What the task asks »
Below are lines of data; give the number of them that contain "Handlebar", and only that.

Recorded data »

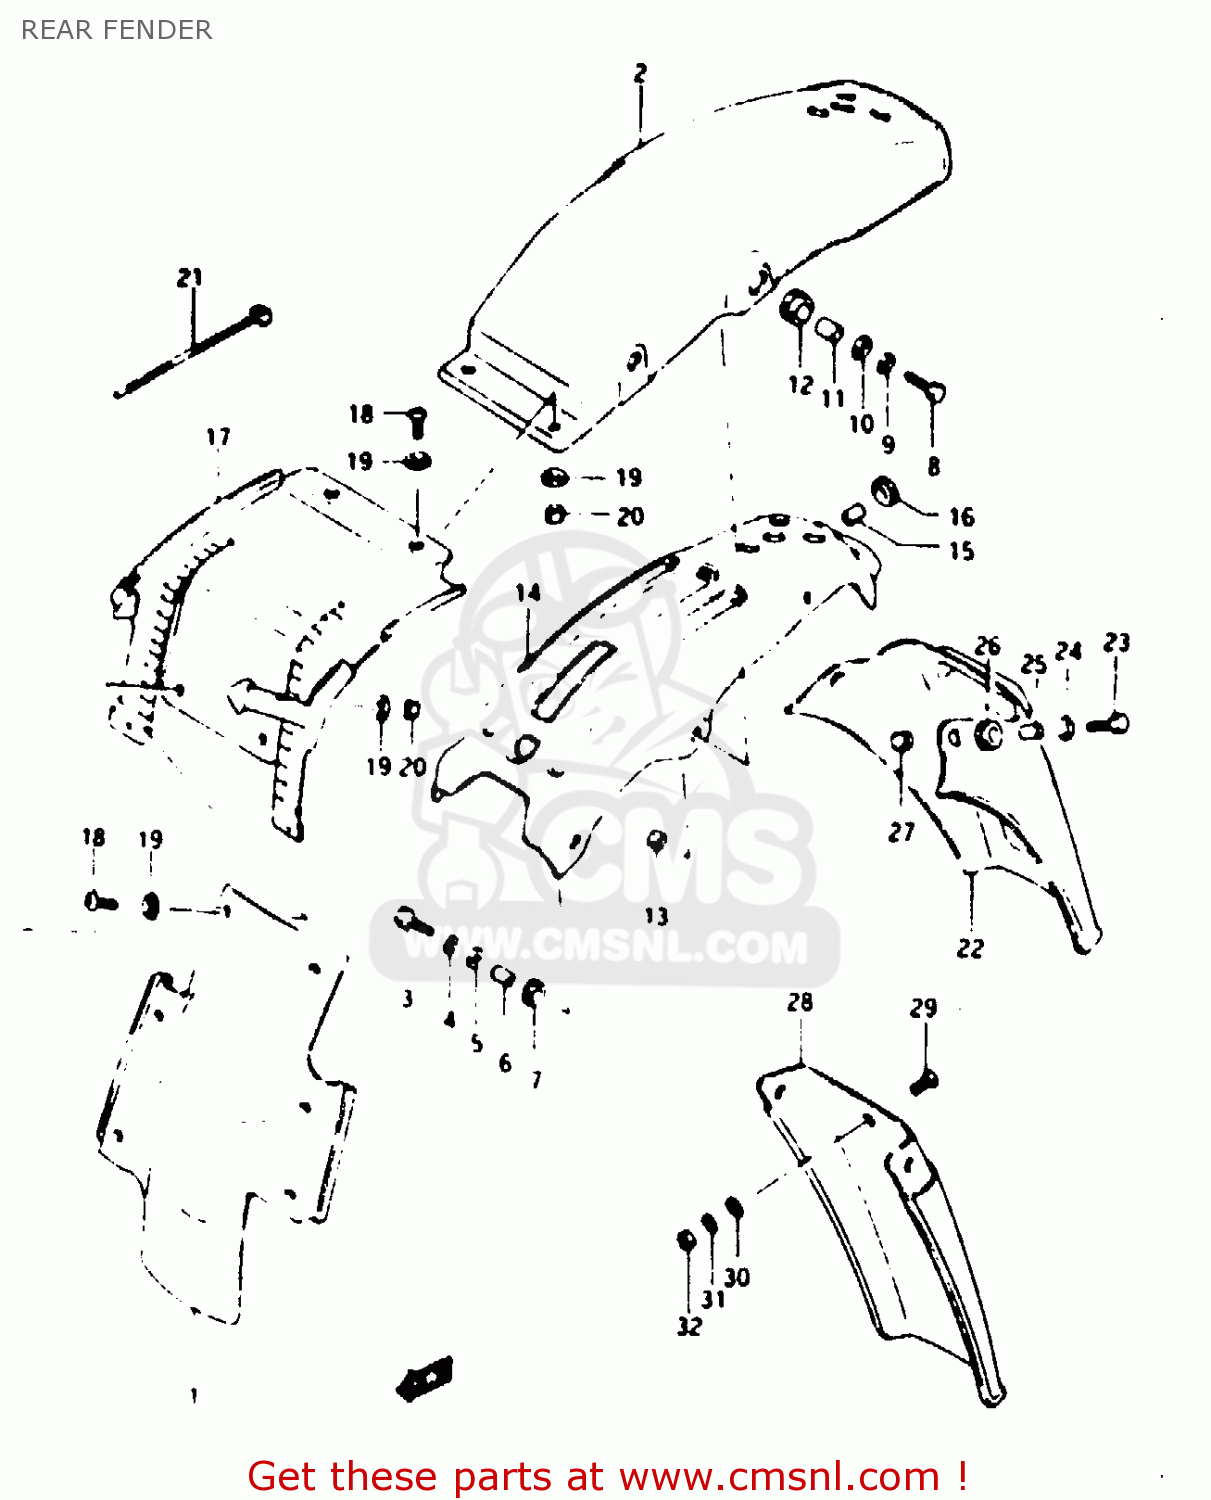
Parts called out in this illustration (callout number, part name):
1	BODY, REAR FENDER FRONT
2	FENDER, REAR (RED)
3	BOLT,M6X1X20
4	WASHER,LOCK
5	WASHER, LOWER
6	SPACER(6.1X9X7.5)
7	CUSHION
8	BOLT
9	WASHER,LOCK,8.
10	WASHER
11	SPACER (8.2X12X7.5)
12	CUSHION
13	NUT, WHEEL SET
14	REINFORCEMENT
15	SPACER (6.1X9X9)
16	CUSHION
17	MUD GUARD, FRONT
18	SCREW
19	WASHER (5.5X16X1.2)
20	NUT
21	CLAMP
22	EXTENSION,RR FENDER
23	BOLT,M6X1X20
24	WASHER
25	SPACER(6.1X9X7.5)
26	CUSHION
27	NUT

--

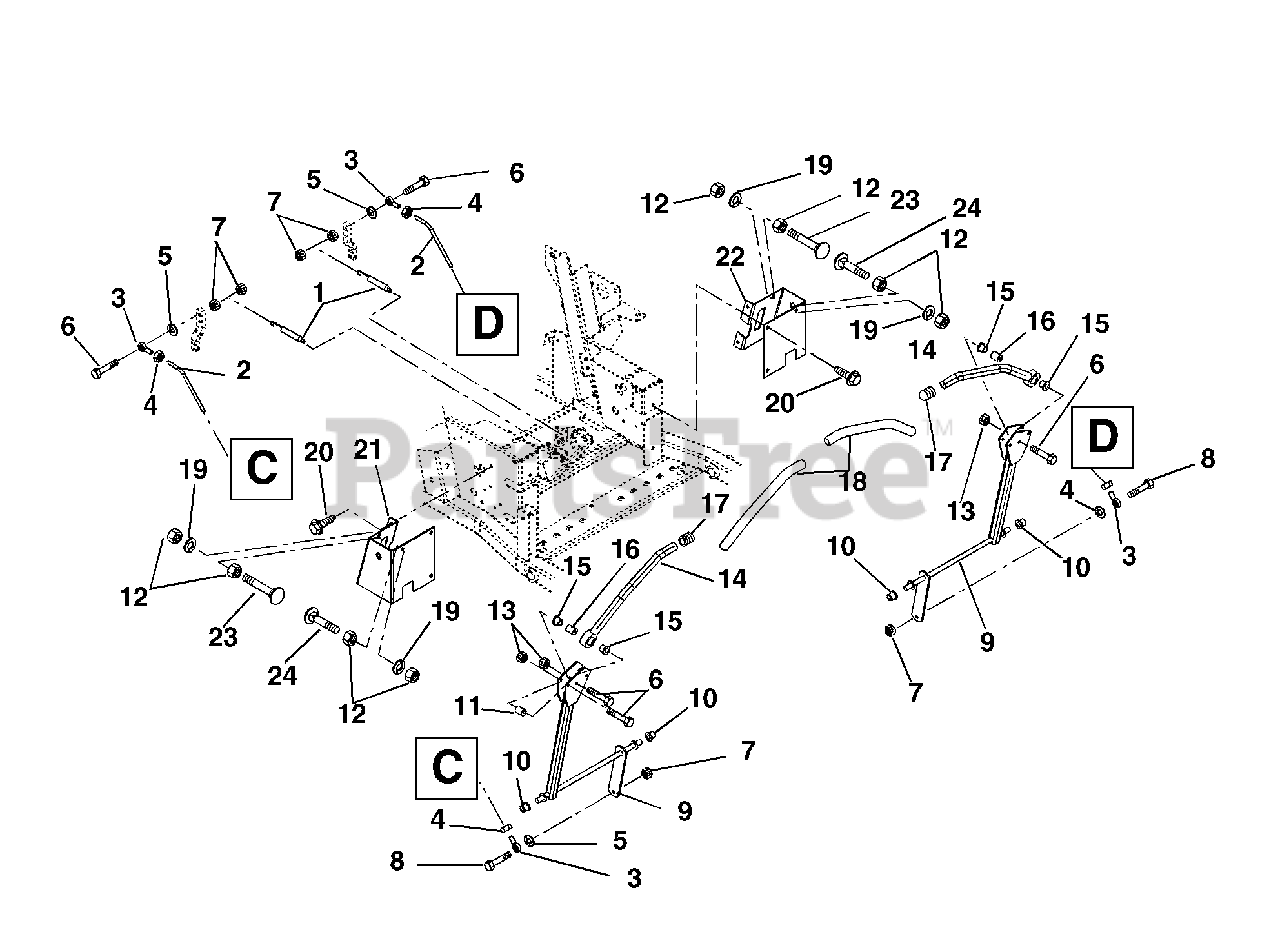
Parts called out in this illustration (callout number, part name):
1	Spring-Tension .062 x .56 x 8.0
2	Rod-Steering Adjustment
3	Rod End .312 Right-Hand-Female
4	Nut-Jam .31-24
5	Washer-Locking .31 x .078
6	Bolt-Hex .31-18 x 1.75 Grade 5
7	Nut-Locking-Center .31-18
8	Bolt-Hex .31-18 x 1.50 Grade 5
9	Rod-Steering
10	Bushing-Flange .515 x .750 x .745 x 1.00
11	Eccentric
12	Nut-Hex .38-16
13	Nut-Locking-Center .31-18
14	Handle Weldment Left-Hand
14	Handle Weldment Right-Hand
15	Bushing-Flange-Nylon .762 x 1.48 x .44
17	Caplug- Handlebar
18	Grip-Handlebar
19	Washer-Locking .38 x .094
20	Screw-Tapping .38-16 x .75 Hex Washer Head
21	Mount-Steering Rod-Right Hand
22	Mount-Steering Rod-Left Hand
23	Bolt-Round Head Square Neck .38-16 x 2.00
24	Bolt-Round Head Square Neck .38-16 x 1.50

Response »
2